AI models relying on Google Street View images may misinterpret environmental features, leading to misguided public health efforts to reduce obesity and diabetes, a new study warns.
Study: Utilizing big data without domain knowledge impacts public health decision-making. Image Credit: TippaPat / Shutterstock.com
A recent study published in the journal PNAS Environmental Sciences reveals that relying on artificial intelligence (AI) and Google Street View (GSV) images to support urban planning may lead to misleading conclusions that could have detrimental effects on public health interventions aimed at combating obesity and diabetes.
How is AI used in urban planning?
Recent advancements in AI have accelerated the incorporation of this technology into crucial fields, such as public health and urban planning, which can potentially affect large numbers of people at the community level. For example, GSV images have been combined with object detection by deep learning to evaluate the health outcomes associated with neighborhood properties defined by census tract.
GSV data provides information about the environment, including the types of vegetation, as well as urban development, such as road networks and building structures. These data have been mined using deep learning to devise local interventions targeting mental and cardiometabolic disease and the prevalence of the coronavirus disease 2019 (COVID-19).
However, predictive models that use AI have encountered certain challenges, including the inability to identify spurious and biased data and the tendency to make spurious correlations that subsequently inform these predictions. These challenges are exacerbated when other factors may mediate the associations between exposure and health outcomes.
What did the study show?
The current study examined how GSV-derived features of the environment interact with the mean prevalence of obesity and diabetes in the census tract in New York City. It also assessed the relationship between these health conditions and physical inactivity, which is a significant contributor to this association.
GSV-derived data indicated that higher crosswalk density correlates with lower disease prevalence. The impact of physical activity on obesity was greater than that on diabetes, which was expected based on previous GSV-based crosswalk estimates. However, compared to previous studies, no association was observed between GSV estimates of sidewalk density and health outcomes.
Physical inactivity intervention vs. GSV feature
The effect of the prevalence of crosswalks and sidewalks on health outcomes was due to the prevalence of physical inactivity in the census tract. Thus, rather than the built environment itself, physical activity levels in that census tract accounted for health outcome changes.

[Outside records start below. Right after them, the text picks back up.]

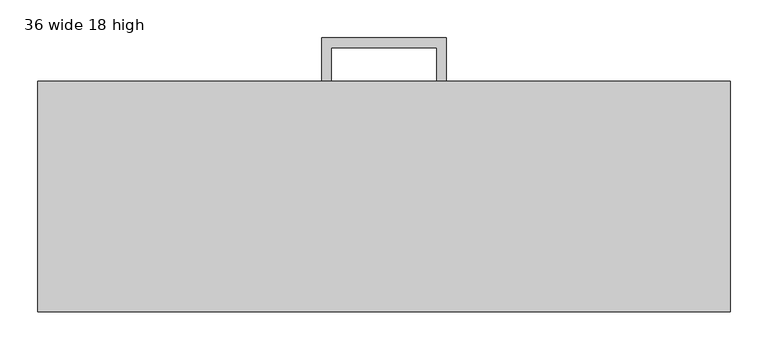
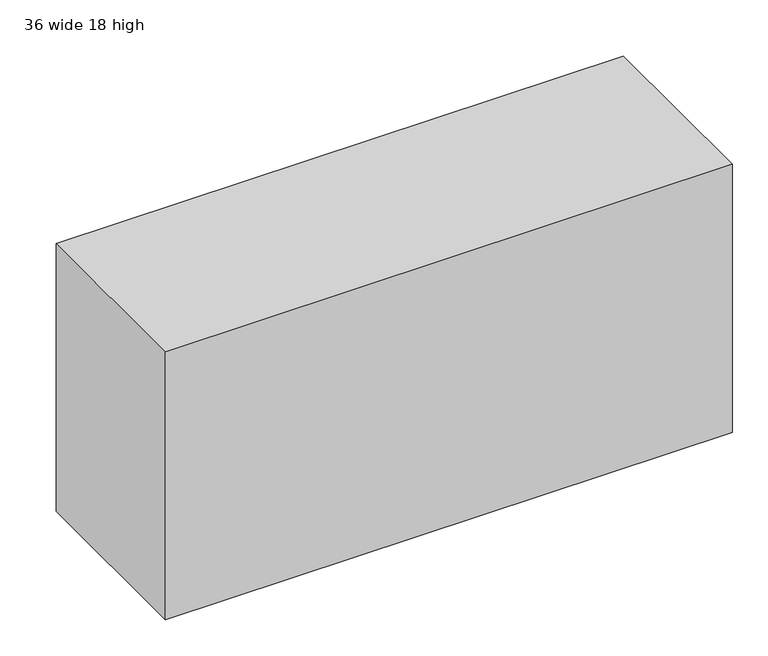
"""IFC4 building model written with IfcOpenShell, lengths in millimetres: furniture geometry, Binder Bin : 36 wide 18 high."""

import ifcopenshell
import ifcopenshell.guid

model = None  # the IFC model being written
_history = None  # IfcOwnerHistory: only IFC2X3 demands one
_inside = {}  # id of a spatial element -> (the spatial element, [elements in it])
_under = {}  # id of a project, library or spatial element -> (it, [spatial elements below it])
_declared = {}  # id of a project -> (the project, [libraries it declares])
_typed = {}  # id of a type object -> (the type object, [elements of that type])
_made_of = {}  # id of a material, layer set ... -> (it, [elements and type objects made of it])


def new_model(schema):
    """Start an empty IFC model of exactly this schema.

    Asked for "IFC4X3", IfcOpenShell would pick the latest addendum, in which some entities
    have other attributes; the version numbers below select the first issue.
    IFC2X3 requires an IfcOwnerHistory on every rooted entity: one is made here for all.
    """
    global model, _history
    if schema == "IFC4X3":
        model = ifcopenshell.file(schema_version=(4, 3, 0, 0))
    else:
        model = ifcopenshell.file(schema=schema)
    _inside.clear()
    _under.clear()
    _declared.clear()
    _typed.clear()
    _made_of.clear()
    _history = None
    if model.schema == "IFC2X3":
        org = make("IfcOrganization", Name="unknown")
        user = make(
            "IfcPersonAndOrganization",
            ThePerson=make("IfcPerson", FamilyName="unknown"),
            TheOrganization=org,
        )
        app = make(
            "IfcApplication",
            ApplicationDeveloper=org,
            Version="unknown",
            ApplicationFullName="unknown",
            ApplicationIdentifier="unknown",
        )
        _history = make(
            "IfcOwnerHistory",
            OwningUser=user,
            OwningApplication=app,
            ChangeAction="ADDED",
            CreationDate=0,
        )
    return model


def make(cls, **values):
    """One entity of the class cls with the attributes given. An attribute that is None is left unset."""
    return model.create_entity(
        cls, **{name: value for name, value in values.items() if value is not None}
    )


def rooted(cls, **values):
    """An entity with a GlobalId (a new one), such as an element, a storey or a relation."""
    return make(cls, GlobalId=ifcopenshell.guid.new(), OwnerHistory=_history, **values)


def si_unit(unit_type, name, prefix=None):
    """IfcSIUnit, for example si_unit("LENGTHUNIT", "METRE", prefix="MILLI")."""
    return make("IfcSIUnit", UnitType=unit_type, Prefix=prefix, Name=name)


def assignment(units):
    """IfcUnitAssignment: the units of a project."""
    return None if units is None else make("IfcUnitAssignment", Units=units)


def point(xyz):
    """IfcCartesianPoint."""
    return None if xyz is None else make("IfcCartesianPoint", Coordinates=xyz)


def direction(xyz):
    """IfcDirection."""
    return None if xyz is None else make("IfcDirection", DirectionRatios=xyz)


def frame(location, z_axis=None, x_axis=None):
    """IfcAxis2Placement3D, a coordinate frame: its origin and axes. An axis left out is left unset."""
    return make(
        "IfcAxis2Placement3D",
        Location=point(location),
        Axis=direction(z_axis),
        RefDirection=direction(x_axis),
    )


def origin():
    """The frame at (0, 0, 0) with its axes left unset."""
    return frame((0.0, 0.0, 0.0))


def place(relative_to, where):
    """IfcLocalPlacement: puts the frame where relative to a parent placement (None: the world)."""
    return make(
        "IfcLocalPlacement", PlacementRelTo=relative_to, RelativePlacement=where
    )


def context(
    kind, dimensions, precision=None, world=None, true_north=None, identifier=None
):
    """IfcGeometricRepresentationContext, for example the 3D "Model" context."""
    return make(
        "IfcGeometricRepresentationContext",
        ContextIdentifier=identifier,
        ContextType=kind,
        CoordinateSpaceDimension=dimensions,
        Precision=precision,
        WorldCoordinateSystem=world,
        TrueNorth=true_north,
    )


def project(units=None, contexts=None):
    """IfcProject with its units and contexts."""
    return rooted(
        "IfcProject",
        Name="project",
        RepresentationContexts=contexts,
        UnitsInContext=assignment(units),
    )


def spatial(cls, under=None, at=None, **own):
    """A site, building, storey or space (cls), placed at a placement, below another one or the project."""
    s = rooted(cls, ObjectPlacement=at, **own)
    if under is not None:
        _under.setdefault(under.id(), (under, []))[1].append(s)
    return s


def polyline(points):
    """IfcPolyline through the points."""
    return make("IfcPolyline", Points=[point(p) for p in points])


def outline(outer, holes=None, kind="AREA"):
    """IfcArbitraryClosedProfileDef: a profile drawn as a closed curve; with holes, ...WithVoids."""
    if holes is None:
        return make("IfcArbitraryClosedProfileDef", ProfileType=kind, OuterCurve=outer)
    return make(
        "IfcArbitraryProfileDefWithVoids",
        ProfileType=kind,
        OuterCurve=outer,
        InnerCurves=holes,
    )


def extrude(swept, where, along, depth):
    """IfcExtrudedAreaSolid: the profile swept, set in the frame where, extruded along a direction by depth."""
    return make(
        "IfcExtrudedAreaSolid",
        SweptArea=swept,
        Position=where,
        ExtrudedDirection=direction(along),
        Depth=depth,
    )


def shape(context_of_items, identifier, shape_type, items):
    """IfcShapeRepresentation: the items that make up one representation, for example the "Body"."""
    return make(
        "IfcShapeRepresentation",
        ContextOfItems=context_of_items,
        RepresentationIdentifier=identifier,
        RepresentationType=shape_type,
        Items=items,
    )


def source(mapping_origin, context_of_items, identifier, shape_type, items):
    """IfcRepresentationMap: a shape defined once, which mapped items show again and again."""
    return make(
        "IfcRepresentationMap",
        MappingOrigin=mapping_origin,
        MappedRepresentation=shape(context_of_items, identifier, shape_type, items),
    )


def transform(
    local_origin,
    x_axis=None,
    y_axis=None,
    z_axis=None,
    scale=None,
    scale2=None,
    scale3=None,
    uniform=True,
):
    """IfcCartesianTransformationOperator3D, or its non-uniform kind. x_axis, y_axis, z_axis: its Axis1, 2, 3."""
    if uniform:
        return make(
            "IfcCartesianTransformationOperator3D",
            Axis1=direction(x_axis),
            Axis2=direction(y_axis),
            LocalOrigin=point(local_origin),
            Scale=scale,
            Axis3=direction(z_axis),
        )
    return make(
        "IfcCartesianTransformationOperator3DnonUniform",
        Axis1=direction(x_axis),
        Axis2=direction(y_axis),
        LocalOrigin=point(local_origin),
        Scale=scale,
        Axis3=direction(z_axis),
        Scale2=scale2,
        Scale3=scale3,
    )


def mapped(mapping_source, mapping_target):
    """IfcMappedItem: shows the shape of a source again, moved by a transform."""
    return make(
        "IfcMappedItem", MappingSource=mapping_source, MappingTarget=mapping_target
    )


def made_of(thing, what):
    """Note that an element or type object is made of a material, layer set ...; save() writes the relation."""
    if what is not None:
        _made_of.setdefault(what.id(), (what, []))[1].append(thing)
    return thing


def element(
    cls,
    number,
    at=None,
    inside=None,
    cuts=None,
    type_object=None,
    material=None,
    context=None,
    identifier="Body",
    shape_type=None,
    held_by="IfcProductDefinitionShape",
    body=None,
    shapes=None,
    **own,
):
    """One element of the class cls, such as IfcWall. Its Tag is "e" and its number.

    at: its placement. inside: the storey or other place that contains it. cuts: it is an
    opening in that element (IfcRelVoidsElement). A single representation is given by context,
    identifier, shape_type and body (its items); several are given by shapes. held_by: the class
    of the entity that holds the representations. save() writes the other relations.
    """
    e = rooted(cls, Tag="e%d" % number, ObjectPlacement=at, **own)
    if body is not None:
        shapes = [shape(context, identifier, shape_type, body)]
    if shapes is not None:
        e.Representation = make(held_by, Representations=shapes)
    if inside is not None:
        _inside.setdefault(inside.id(), (inside, []))[1].append(e)
    if cuts is not None:
        rooted(
            "IfcRelVoidsElement", RelatingBuildingElement=cuts, RelatedOpeningElement=e
        )
    if type_object is not None:
        _typed.setdefault(type_object.id(), (type_object, []))[1].append(e)
    return made_of(e, material)


def aggregate(whole, parts):
    """IfcRelAggregates: a whole, such as a stair, and the parts it consists of."""
    return rooted("IfcRelAggregates", RelatingObject=whole, RelatedObjects=parts)


def save(model, path):
    """Write the relations noted so far, then the file.

    IfcRelAggregates (storeys below a building ...), IfcRelContainedInSpatialStructure (elements
    in a storey), IfcRelDefinesByType, IfcRelAssociatesMaterial and IfcRelDeclares: one each for
    every whole, place, type object, material and project.
    """
    for whole, parts in _under.values():
        aggregate(whole, parts)
    for where, things in _inside.values():
        rooted(
            "IfcRelContainedInSpatialStructure",
            RelatedElements=things,
            RelatingStructure=where,
        )
    for kind, things in _typed.values():
        rooted("IfcRelDefinesByType", RelatedObjects=things, RelatingType=kind)
    for what, things in _made_of.values():
        rooted("IfcRelAssociatesMaterial", RelatedObjects=things, RelatingMaterial=what)
    for by, libraries in _declared.values():
        rooted("IfcRelDeclares", RelatingContext=by, RelatedDefinitions=libraries)
    model.write(path)


def furniture_36_wide_18_high_68bd698f(model_context):
    return source(origin(), model_context, "Body", "SweptSolid", [
        extrude(outline(polyline([(-69.85, 381.0), (-82.55, 381.0), (-82.55, 438.15), (82.55, 438.15), (82.55, 381.0), (69.85, 381.0), (69.85, 425.45), (-69.85, 425.45), (-69.85, 381.0)])), frame((0.0, 0.0, 1568.45), z_axis=(0.0, 0.0, 1.0), x_axis=(1.0, 0.0, 0.0)), (0.0, 0.0, 1.0), 12.7),
        extrude(outline(polyline([(457.2, 76.2), (-457.2, 76.2), (-457.2, 381.0), (457.2, 381.0), (457.2, 76.2)])), frame((0.0, 0.0, 1524.0), z_axis=(0.0, 0.0, 1.0), x_axis=(1.0, 0.0, 0.0)), (0.0, 0.0, 1.0), 457.2),
    ])


if __name__ == "__main__":
    model = new_model("IFC4")
    model_context = context("Model", 3, world=origin())
    ifc_project = project(units=[si_unit("LENGTHUNIT", "METRE", prefix="MILLI")], contexts=[model_context])
    site = spatial("IfcSite", under=ifc_project)
    building = spatial("IfcBuilding", under=site)
    placement = place(None, origin())
    furniture_36_wide_18_high_shape = furniture_36_wide_18_high_68bd698f(model_context)
    element("IfcFurniture", 1, ObjectType="Binder Bin : 36 wide 18 high", at=placement, inside=building, context=model_context, shape_type="MappedRepresentation", body=[
        mapped(furniture_36_wide_18_high_shape, transform((0.0, 0.0, 0.0), x_axis=(1.0, 0.0, 0.0), y_axis=(0.0, 1.0, 0.0), z_axis=(0.0, 0.0, 1.0))),
    ])
    save(model, "model.ifc")

# Revit data of these elements
# Type "Binder Bin : 36 wide 18 high"
#   Width = 3' - 0"
#   Mounting Height [instance default] = 4' - 6"
#   Height = 1' - 6"
#   Default Elevation = 0
# Element 1 (IfcFurniture, "Binder Bin : 36 wide 18 high")
#   Mounting Height = 5' - 0"

With each unit of reduction in physical inactivity, the prevalence of both obesity and diabetes declined by 4.17 and 17.2 times, respectively, as compared to a single unit decrease in crosswalk prevalence.
Built environment out of sync with GSV features
The built environment, which was the basis of inferences made by GSV labels within the city, fails to match reality. For example, sidewalks may be represented near bridges or highways despite being absent, whereas a blocked sidewalk may be reported as absent.
These findings indicate that AI may produce inaccurate intervention estimates due to its reliance on GSV-derived features to detect associations with health outcomes and its lack of knowledge of important mediating factors. Thus, the model must be specifically described, and the pathway through which these features exert their effects must be accounted for. These safeguards will ensure that the target is accurately identified and that the efficacy of various interventions is properly estimated.
Conclusions
Unlike previous studies, which relied on qualitative reviews to compare areas, the current study, for the first time, compares GSV features with ground-level reality.
The researchers utilized a causal framework to compensate for mediating factors like physical activity. This revealed that if 10% of the samples in the two lowest tertiles of physical inactivity were improved, a significant reduction of 4.17 and 17.2 times in the prevalence of obesity and diabetes mellitus, respectively, would be observed.
Nevertheless, data limitations, as well as the changing status of the built environment, individual behavior, and consequent health outcomes, must be carefully specified when leveraging this type of data for public health interventions.
This study highlights critical issues of robustness and model specification in using emergent data sources, showing the data may not measure what is intended, and ignoring mediators can result in biased intervention effect estimates.”
Journal reference:
- Zhang, M., Rahman, S., Mhasawade, V., et al. (2024). Utilizing big data without domain knowledge impacts public health decision-making. PNAS Environmental Sciences. doi:10.1073/pnas.2402387121.